11. The method of claim 10, further comprising automatically triggering operation of the at least one operational system, based on a predetermined state of the RV.
12. The method of claim 10, further comprising determining the new trip, wherein determining the new trip includes at least the following:
determine a site for camping;
determine whether the RV is located within a geo-fenced camping area;
determine a location of other campers in the geo-fenced camping area;
determine locations of popular camping areas in the geo-fenced camping area; and
recommend a camping spot based on the popular camping spots and location of other campers.
13. The method of claim 10, wherein past trip data includes at least one of the following: location data, time data, speed data, destination data, waypoint data, or fuel consumption data, wherein determining non-use further includes determining a qualifying trip based on a threshold that considers at least one of the following: destination of the past trip, length of continuous use in the past trip, or amount of time before returning home from the past trip, and wherein classifying the user includes classifying according to at least one of the following: a heavy user, a light user, a moderate user, a lower trending user, or an upper trending user.
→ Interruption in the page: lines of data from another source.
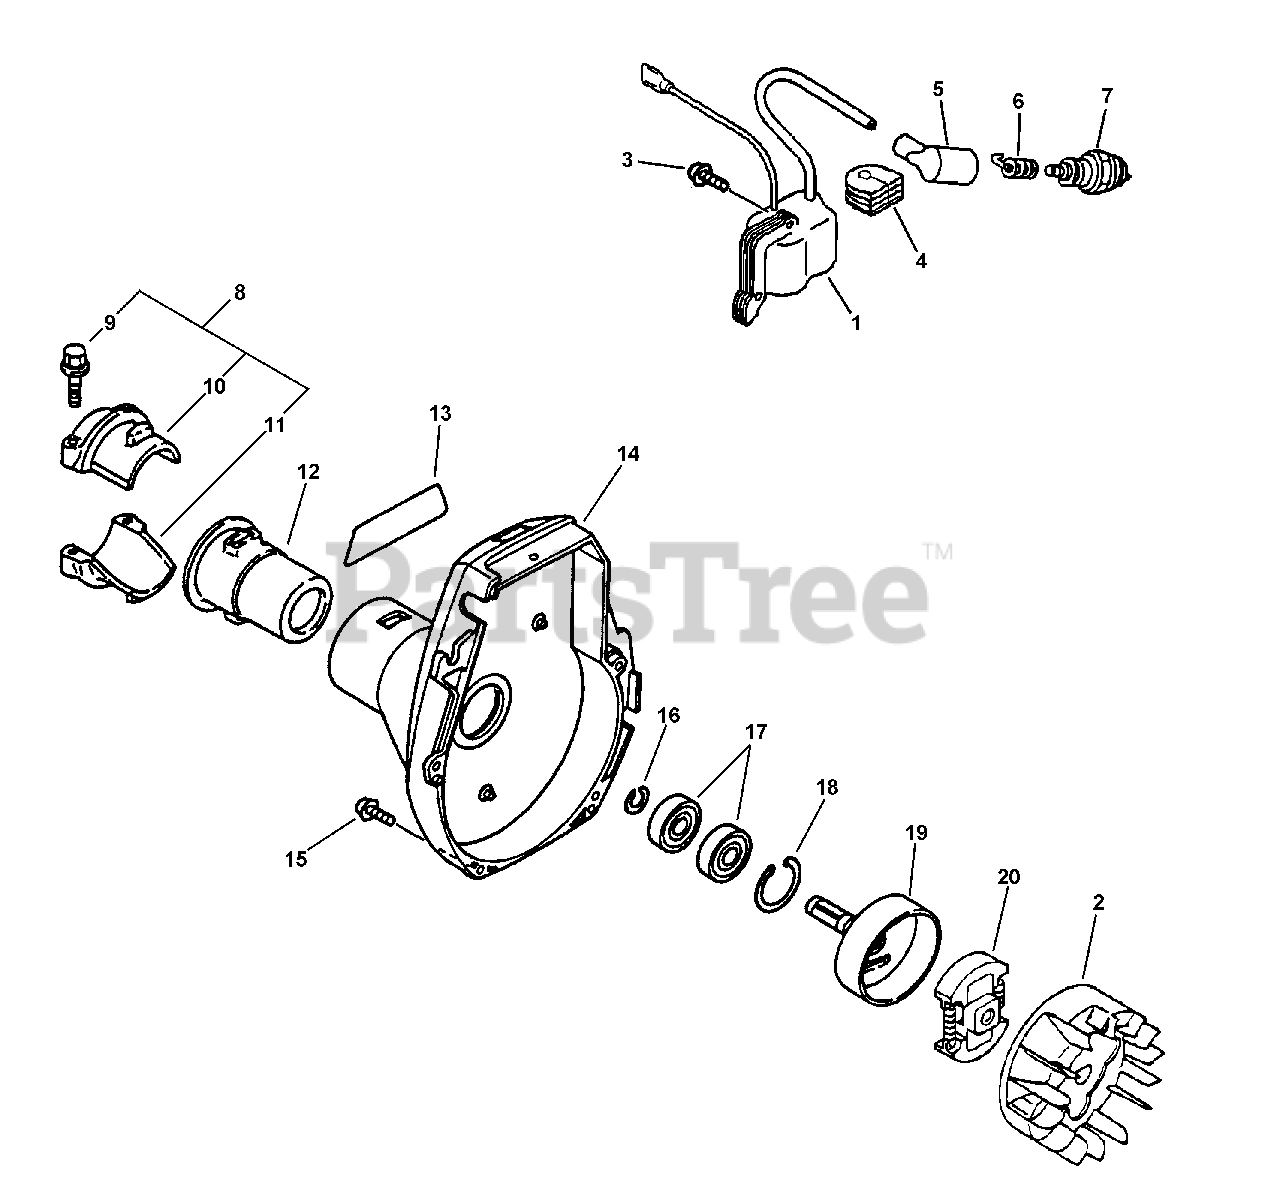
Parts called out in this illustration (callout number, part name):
1	Coil, Ignition
2	Flywheel
3	Screw 4x22
5	Cap, Spark Plug
6	Coil, Spark Plug Cap
7	Plug, Spark BPM-7A
8	Holder Kit
9	Bolt 5x25
10	Holder - Upper
11	Holder - Lower
13	Label, Model SRM-2100
13	Label, Model SRM-2110
14	Fan Cover Asy
15	Screw 4x16
16	Circlip 12
17	Bearing, Ball 6001
18	Circlip 28
19	Drum, Clutch
20	Clutch Asy
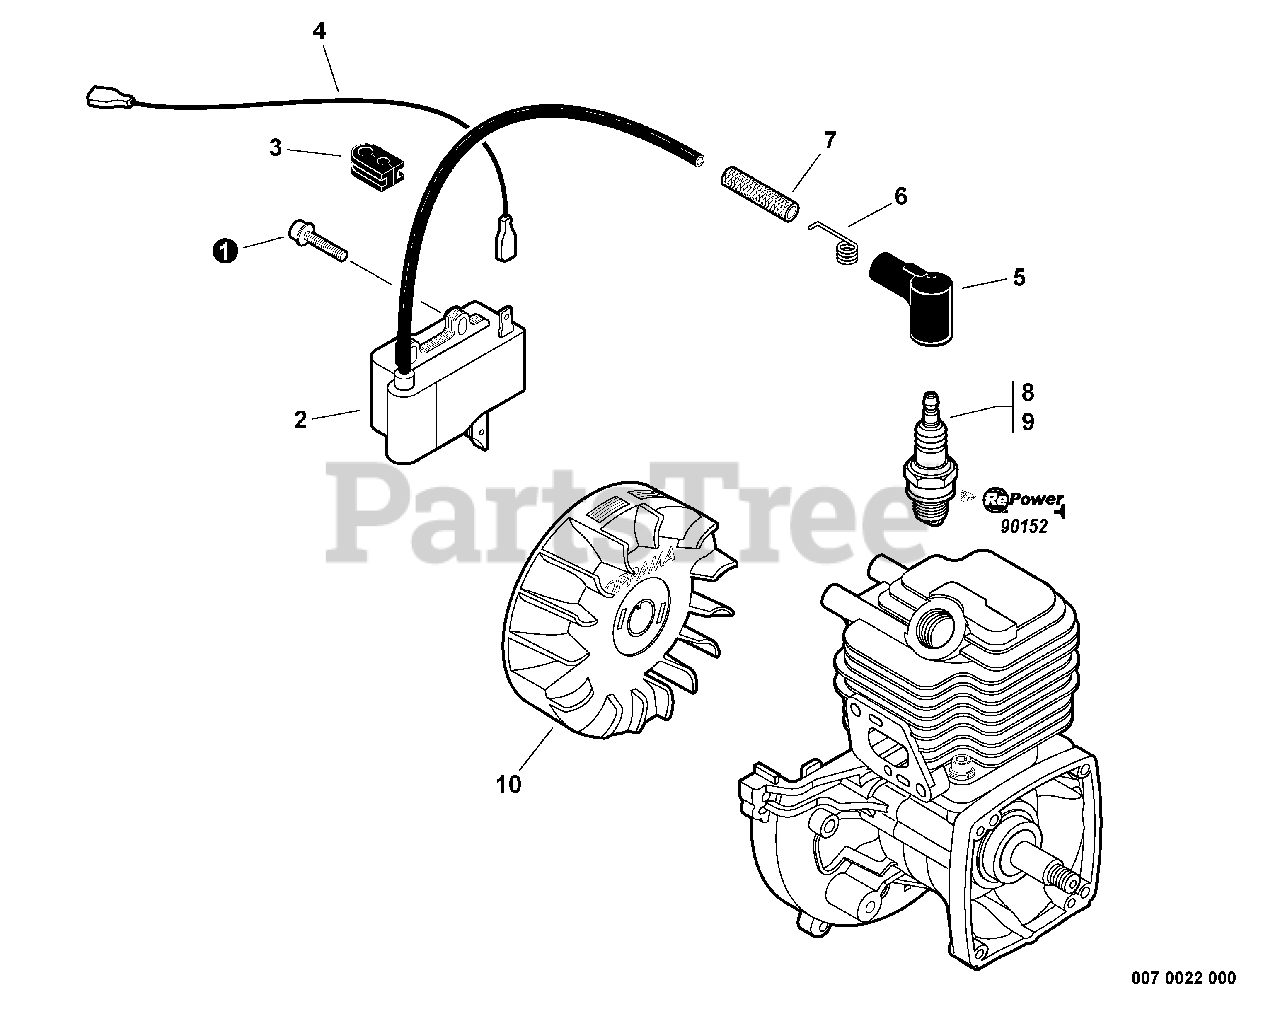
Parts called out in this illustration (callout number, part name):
1	SCREW - 4X20
2	COIL, IGNITION
4	LEAD - IGNITION
5	CAP, SPARK PLUG
6	TERMINAL, SPARK PLUG CAP
7	TUBE, INSULATOR
8	SPARK PLUG -- BPM-8Y
9	SPARK PLUG -- BPMR-8Y
10	FLYWHEEL
11	Repower TUNE-UP KIT

14. The method of claim 10, wherein classifying the user is based on at least one of the following: static thresholds or other users' usage.
15. The method of claim 10, wherein the operational data includes functionality data related to the at least one operational system and use data associated with previous use of the at least one operational system.
16. A system for triggering usage recommendations comprising:
a computing device that includes a processor and memory component, the memory component storing logic, that when executed by the processor, causes the system to perform at least the following:
record past trip data, wherein the past trip data includes data associated with at least one past trip taken in a recreational vehicle (RV);
determine non-use of the RV, wherein determining non-use of the RV includes determining a duration since a most recent past trip;
classify the RV based on the non-use and the past trip data;
recommend, based on the classification and the past trip data, a new trip for the RV;
determine operational data to enhance the new trip, wherein the operational data is associated with at least one operational system;
provide data associated with the new trip and the operational data to a user; and
automatically trigger operation of the at least one operational system, based on a predetermined state of the RV.
17. The system of claim 16, further comprising the RV for carrying the user that includes the at least one operational system, wherein the at least one operational system is configured to provide a function to improve operation of the RV.
18. The system of claim 16, wherein determining non-use further includes determining a qualifying trip based on a threshold that considers at least one of the following: destination of the past trip, length of continuous use in the past trip, or amount of time before returning home from the past trip.
19. The system of claim 16, wherein past trip data includes at least one of the following: location data, time data, speed data, destination data, waypoint data, or fuel consumption data, wherein classifying the RV includes classifying according to at least one of the following: a heavy user, a light user, a moderate user, a lower trending user, or an upper trending user, and wherein the operational data includes functionality data related to the at least one operational system and use data associated with previous use of the at least one operational system.
20. The system of claim 16, wherein classifying the RV is based on at least one of the following: static thresholds or other users' usage.